**Work required**
Since pictures do not belong in the copy, please repeat every record below exactly without them.

**Items from a data source**
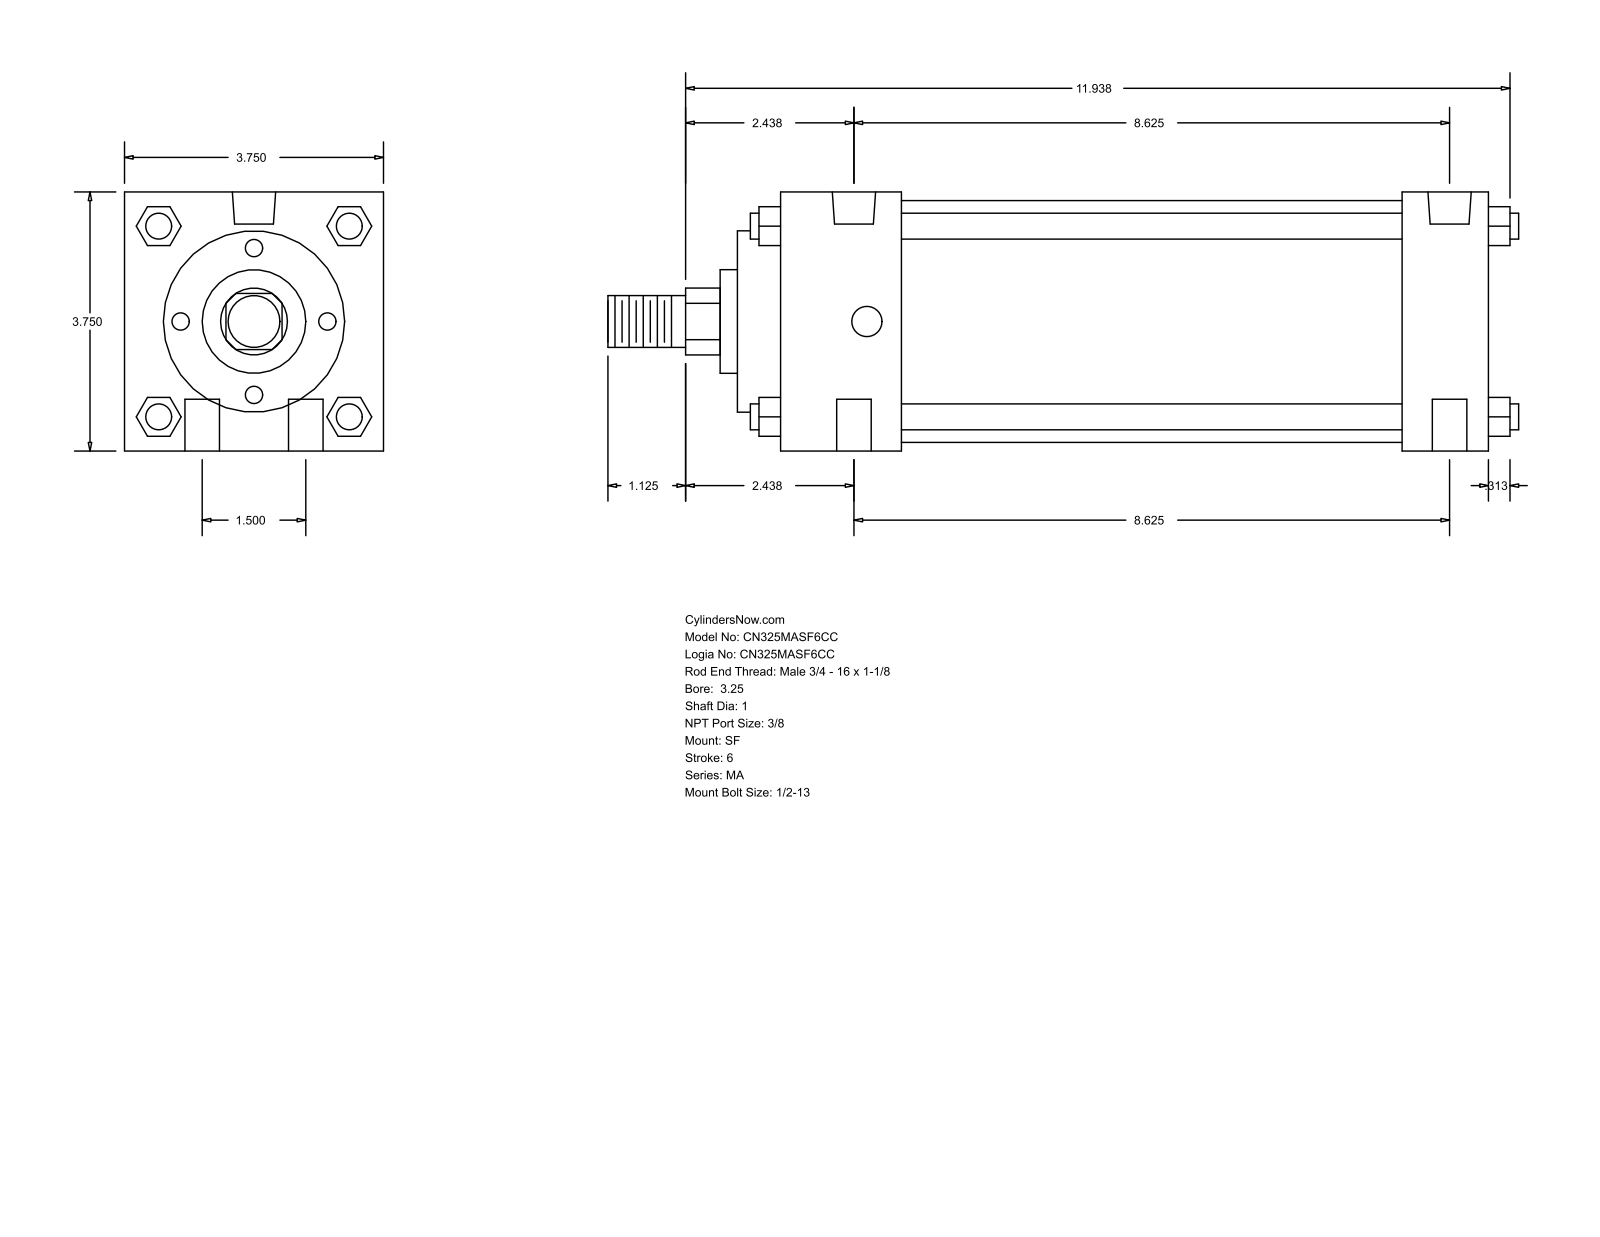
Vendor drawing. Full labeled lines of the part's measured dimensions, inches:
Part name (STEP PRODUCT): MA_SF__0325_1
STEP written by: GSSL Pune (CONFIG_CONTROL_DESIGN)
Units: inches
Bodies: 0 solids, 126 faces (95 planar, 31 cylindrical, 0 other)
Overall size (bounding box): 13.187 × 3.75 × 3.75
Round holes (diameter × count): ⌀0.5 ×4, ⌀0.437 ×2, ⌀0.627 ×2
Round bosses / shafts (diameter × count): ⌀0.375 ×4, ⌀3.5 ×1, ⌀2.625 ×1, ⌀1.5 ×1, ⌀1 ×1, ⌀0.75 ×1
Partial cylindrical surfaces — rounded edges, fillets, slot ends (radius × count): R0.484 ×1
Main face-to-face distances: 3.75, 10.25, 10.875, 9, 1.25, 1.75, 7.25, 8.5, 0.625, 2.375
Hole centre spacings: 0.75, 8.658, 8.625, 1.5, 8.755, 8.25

**Output of the exercise**
Vendor drawing. Full labeled lines of the part's measured dimensions, inches:
Part name (STEP PRODUCT): MA_SF__0325_1
STEP written by: GSSL Pune (CONFIG_CONTROL_DESIGN)
Units: inches
Bodies: 0 solids, 126 faces (95 planar, 31 cylindrical, 0 other)
Overall size (bounding box): 13.187 × 3.75 × 3.75
Round holes (diameter × count): ⌀0.5 ×4, ⌀0.437 ×2, ⌀0.627 ×2
Round bosses / shafts (diameter × count): ⌀0.375 ×4, ⌀3.5 ×1, ⌀2.625 ×1, ⌀1.5 ×1, ⌀1 ×1, ⌀0.75 ×1
Partial cylindrical surfaces — rounded edges, fillets, slot ends (radius × count): R0.484 ×1
Main face-to-face distances: 3.75, 10.25, 10.875, 9, 1.25, 1.75, 7.25, 8.5, 0.625, 2.375
Hole centre spacings: 0.75, 8.658, 8.625, 1.5, 8.755, 8.25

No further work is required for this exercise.